# Can he eat rice?



## darkestz (Aug 8, 2010)

I bet my hedgie's tired of eating the same thing every day and I've had him for 6 months already (can he mate with my friend's 5-month old hedgie btw?). He wouldnt even eat the mealworms i bought for him and i'm too much of a sissy to cut it in half, it rolls on me! bleh. 

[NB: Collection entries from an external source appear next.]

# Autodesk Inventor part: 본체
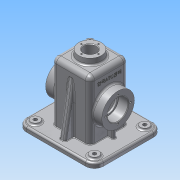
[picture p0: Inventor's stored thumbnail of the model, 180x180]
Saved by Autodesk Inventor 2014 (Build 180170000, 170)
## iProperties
Created: 2015-12
Part Number: 본체
Material: 알루미늄 6061
Document SubType Name: Modeling
Designer: Administrator
Density: 2.71 g/cm^3
Appearance: 알루미늄 - 평지
Mass: 802.731 g
Surface Area: 912.125 cm^2
Volume: 296.211 cm^3
Author: Administrator
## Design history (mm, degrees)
sketch "스케치2"
  geometry: L1 (60, 52.5)-(-60, 52.5); L2 (-60, 52.5)-(-60, -52.5); L3 (-60, -52.5)-(60, -52.5); L4 (60, -52.5)-(60, 52.5); L5 (60, 52.5)-(-60, -52.5); L6 (-60, 52.5)-(60, -52.5); 1 further point
  constraints: 12 end point, 2 midpoint, 2 parallel, 1 horizontal, 1 perpendicular
  dimensions: "d2" = 120 distance of L3.end L2.end; "d3" = 105 distance of L2.end L1.end
extrude "돌출1" new body sketch "스케치2" distance "d4" = 2; taper "d5" = 0 deg
sketch "스케치3"
  geometry: L1 (65, 57.5)-(-65, 57.5); L2 (-65, 57.5)-(-65, -57.5); L3 (-65, -57.5)-(65, -57.5); L4 (65, -57.5)-(65, 57.5); L5 (65, 57.5)-(-65, -57.5); L6 (-65, 57.5)-(65, -57.5); 1 further point
  constraints: 12 end point, 2 midpoint, 2 parallel, 1 horizontal, 1 perpendicular
  dimensions: "d6" = 130 distance of L3.end L2.end; "d7" = 115 distance of L2.end L1.end
extrude "돌출2" join sketch "스케치3" distance "d8" = 8; taper "d9" = 0 deg
fillet "모깎기1" dims "d10" = 10
fillet "모깎기2" dims "d11" = 15
sketch "스케치5"
  geometry: L1 (32.5, 32.5)-(-32.5, 32.5); L2 (-32.5, 32.5)-(-32.5, -32.5); L3 (-32.5, -32.5)-(32.5, -32.5); L4 (32.5, -32.5)-(32.5, 32.5); L5 (32.5, 32.5)-(-32.5, -32.5); L6 (-32.5, 32.5)-(32.5, -32.5); 1 further point
  constraints: 12 end point, 2 midpoint, 2 parallel, 1 horizontal, 1 perpendicular
  dimensions: "d12" = 65 distance of L3.end L2.end; "d13" = 65 distance of L2.end L1.end
extrude "돌출3" join sketch "스케치5" distance "d14" = 100; taper "d15" = 0 deg
sketch "스케치6"
  geometry: L1 (42.5, 0)-(-42.5, 0) reference; C1 r 27.5 at (0, 55); 2 further points
  constraints: 1 centre point, 1 midpoint, 1 vertical alignment
  dimensions: "d16" = 55 diameter of C1; "d17" = 55 distance from line of L1 C1.centre
extrude "돌출4" join sketch "스케치6" stored distance "d18" = 95; taper "d19" = 0 deg
hole "구멍1" diameter "d22" = 30; stored, may be unused: countersink angle "d26" = 90 deg, drill point angle "d28" = 0 deg; dims "d20" = 10, "d21" = 10, "d23" = 6, "d24" = 35, "d25" = 17, "d27" = 57
fillet "모깎기3" dims "d29" = 8
fillet "모깎기4" dims "d30" = 8
sketch "스케치7"
  geometry: C1 r 20 at (0, 0); 1 further point
  constraints: 1 centre point, 1 coincident
  dimensions: "d31" = 40 diameter of C1
extrude "돌출5" join sketch "스케치7" distance "d32" = 10; taper "d33" = -5 deg
sketch "스케치8"
  geometry: L1 (27.5, 27.5)-(-27.5, 27.5); L2 (-27.5, 27.5)-(-27.5, -27.5); L3 (-27.5, -27.5)-(27.5, -27.5); L4 (27.5, -27.5)-(27.5, 27.5); L5 (27.5, 27.5)-(-27.5, -27.5); L6 (-27.5, 27.5)-(27.5, -27.5); 1 further point
  constraints: 12 end point, 2 midpoint, 2 parallel, 1 horizontal, 1 perpendicular
  dimensions: "d34" = 55 distance of L3.end L2.end; "d35" = 55 distance of L2.end L1.end
extrude "돌출6" cut sketch "스케치8" distance "d36" = 105; taper "d37" = 0 deg
fillet "모깎기9" dims "d98" = 3
fillet "모깎기6" dims "d95" = 3
hole "구멍2" diameter "d40" = 21; stored, may be unused: countersink angle "d44" = 90 deg, drill point angle "d46" = 0 deg; dims "d38" = 10, "d39" = 10, "d41" = 6, "d42" = 35, "d43" = 17, "d45" = 50
sketch "스케치10"
  geometry: L1 (-32.5, 10)-(-32.5, 102) reference; L2 (-57.5, 10)-(-42.5, 10) reference; L3 (42.5, 10)-(-42.5, 10) reference; L4 (42.5, 10)-(57.5, 10) reference; L5 (32.5, 102)-(32.5, 10) reference; L6 (47.5, 10)-(32.5, 95.069); L7 (57.5, 10)-(57.5, 2) reference; 4 further points
  constraints: 2 end point, 2 point on line
  dimensions: "d47" = 10 deg angle of L7 L6; "d48" = 10 horizontal distance of L7.end L6.start
feature "리브1" sketch "스케치10" dims "d49" = 1, "d50" = 10, "d51" = 0, "d52" = 0, "d53" = 1, "d54" = 1
sketch "스케치11"
  geometry: L1 (0, 0)-(-21, 0); C1 r 27.5 at (0, 0) reference; 2 further points
  constraints: 2 end point, 1 coincident, 1 horizontal
  dimensions: "d55" = 21 distance of L1.start L1.end
hole "구멍3" sketch "스케치11" at (-21, 0) diameter "d56" = 3.242; stored, may be unused: countersink angle "d60" = 90 deg, drill point angle "d62" = 118 deg; dims "d57" = 8, "d58" = 35, "d59" = 17, "d61" = 10
sketch "스케치13"
  geometry: L1 (0, 0)-(0, 14.5); C1 r 10.5 at (0, 0) reference; 1 further point
  constraints: 2 end point, 1 coincident, 1 vertical
  dimensions: "d66" = 14.5 distance of L1.start L1.end
hole "구멍4" sketch "스케치13" at (0, 14.5) diameter "d67" = 2.459; stored, may be unused: countersink angle "d71" = 90 deg, drill point angle "d73" = 118 deg; dims "d68" = 7, "d69" = 35, "d70" = 17, "d72" = 9
sketch "스케치14"
  geometry: C1 r 7.5 at (-50, 42.5); C2 r 7.5 at (50, 42.5); C3 r 7.5 at (-50, -42.5); C4 r 7.5 at (50, -42.5); A1 r 15 centre (-50, 42.5) between (-50, 57.5) and (-65, 42.5) reference; A2 r 15 centre (-50, -42.5) between (-65, -42.5) and (-50, -57.5) reference; A3 r 15 centre (50, -42.5) between (50, -57.5) and (65, -42.5) reference; A4 r 15 centre (50, 42.5) between (65, 42.5) and (50, 57.5) reference; 1 further point
  constraints: 4 centre point, 4 coincident
  dimensions: "d77" = 15 diameter of C1; "d78" = 15 diameter of C2; "d79" = 15 diameter of C3; "d80" = 15 diameter of C4
extrude "돌출7" join sketch "스케치14" distance "d81" = 3; taper "d82" = 0 deg
sketch "스케치15"
  geometry: C1 r 7.5 at (0, 0) reference; C2 r 7.5 at (-100, 0) reference; C3 r 7.5 at (-100, -85) reference; C4 r 7.5 at (0, -85) reference; 5 further points
  constraints: 4 coincident
hole "구멍5" sketch "스케치15" at (-100, 0), (-100, -85), (0, -85), (0, 0) diameter "d83" = 6; stored, may be unused: countersink angle "d87" = 90 deg, drill point angle "d89" = 0 deg; dims "d84" = 6, "d85" = 4, "d86" = 2, "d88" = 8
fillet "모깎기8" dims "d97" = 3
sketch "스케치18"
  geometry: L1 (-35.5, 27.5)-(-47.5, 27.5) reference; L2 (-32.5, 10)-(-32.5, 102) reference; L3 (-50, 10)-(50, 10) reference; L4 (47.5, 27.5)-(35.5, 27.5) reference; L5 (27.5, 0)-(27.5, 102) reference; L6 (-27.5, 102)-(-27.5, 0) reference; L7 (-42.5, 10)-(-42.5, 27.5); L8 (-27.5, 27.5)-(-27.5, 10); L9 (-42.5, 10)-(-27.5, 10); L10 (-27.5, 27.5)-(-42.5, 27.5); L11 (42.5, 27.5)-(42.5, 10); L12 (27.5, 10)-(42.5, 10); L13 (42.5, 27.5)-(27.5, 27.5); L14 (27.5, 27.5)-(27.5, 10); 2 further points
  constraints: 16 end point, 10 point on line, 3 collinear, 3 parallel, 1 perpendicular
  dimensions: "d100" = 15 distance between parallel lines of L7 L8; "d101" = 15 distance between parallel lines of L14 L11
extrude "돌출9" join sketch "스케치18" stored distance "d102" = 6; taper "d103" = 0 deg
chamfer "모따기1" distance "d104" = 1; stored, may be unused: second distance "d105" = 2, angle "d106" = 45 deg
fillet "모깎기10" dims "d107" = 3
fillet "모깎기11" dims "d108" = 3
fillet "모깎기12" dims "d109" = 3
fillet "모깎기13" dims "d110" = 1
sketch "스케치19"
  geometry: L1 (-18, 5.375)-(-18, 43.625) reference; L2 (0, -8)-(91, -8) reference; A1 r 30.5 centre (47, 24.5) between (28.834, 49) and (28.834, 0) reference; 2 further points
  constraints: 1 horizontal alignment, 1 other
  dimensions: "d111" = 26 distance from line of L1 point (8, 24.5); "d114" = 32.5 distance from line of L2 point (8, 24.5) (derived)
feature "엠보싱1" sketch "스케치19" dims "d112" = 0.5, "d113" = 0
fillet "모깎기14" dims "d115" = 0.3
node "솔리드1"
mirror "대칭1"
mirror "대칭2"
pattern_circular "원형 패턴1" dims angle "d64" = 360 deg
mirror "대칭3"
pattern_circular "원형 패턴2" dims angle "d75" = 360 deg
node "투영된 루프1"
node "투영된 루프2"
node "투영된 루프3"

So anyways in my house I have rice, apples, bananas, grapes and yogurt. Can I feed those to him about once every 2-3 days?


----------



## MoonBean (Feb 22, 2011)

Grapes are bad, toxic to hedgies I think. The other fruit should be ok.


----------



## MissC (Nov 15, 2010)

Rice? yes...Grapes? NO...Apples & bananas? Yes. Yogurt? Weeeell...most people say not to chance it, or to give verrrry little, as hedgies are lactose intolerant...but some owners feed yogurt as a regular treat and their hedgies love it...so you gotta decide...personally, I won't chance it.

My guy - Snarf - also likes dried apple & banana & mango and, of course, would exist solely on mealworms if I let him. :roll: 

As for babies, I would ask your question in a separate post so one of the breeders sees it.


----------



## Hedgehog Grove (Jul 21, 2010)

darkestz said:


> I bet my hedgie's tired of eating the same thing every day and I've had him for 6 months already (can he mate with my friend's 5-month old hedgie btw?). He wouldnt even eat the mealworms i bought for him and i'm too much of a sissy to cut it in half, it rolls on me! bleh.
> 
> So anyways in my house I have rice, apples, bananas, grapes and yogurt. Can I feed those to him about once every 2-3 days?


I wouldn't feed Rice and Grapes are a big No No.

Apples and Banana's are okay.

Limited amount of youghurt, once - twice a month if that and very tiny amount. Less than a teaspoon.

As for babies, first where is the hedgehog from?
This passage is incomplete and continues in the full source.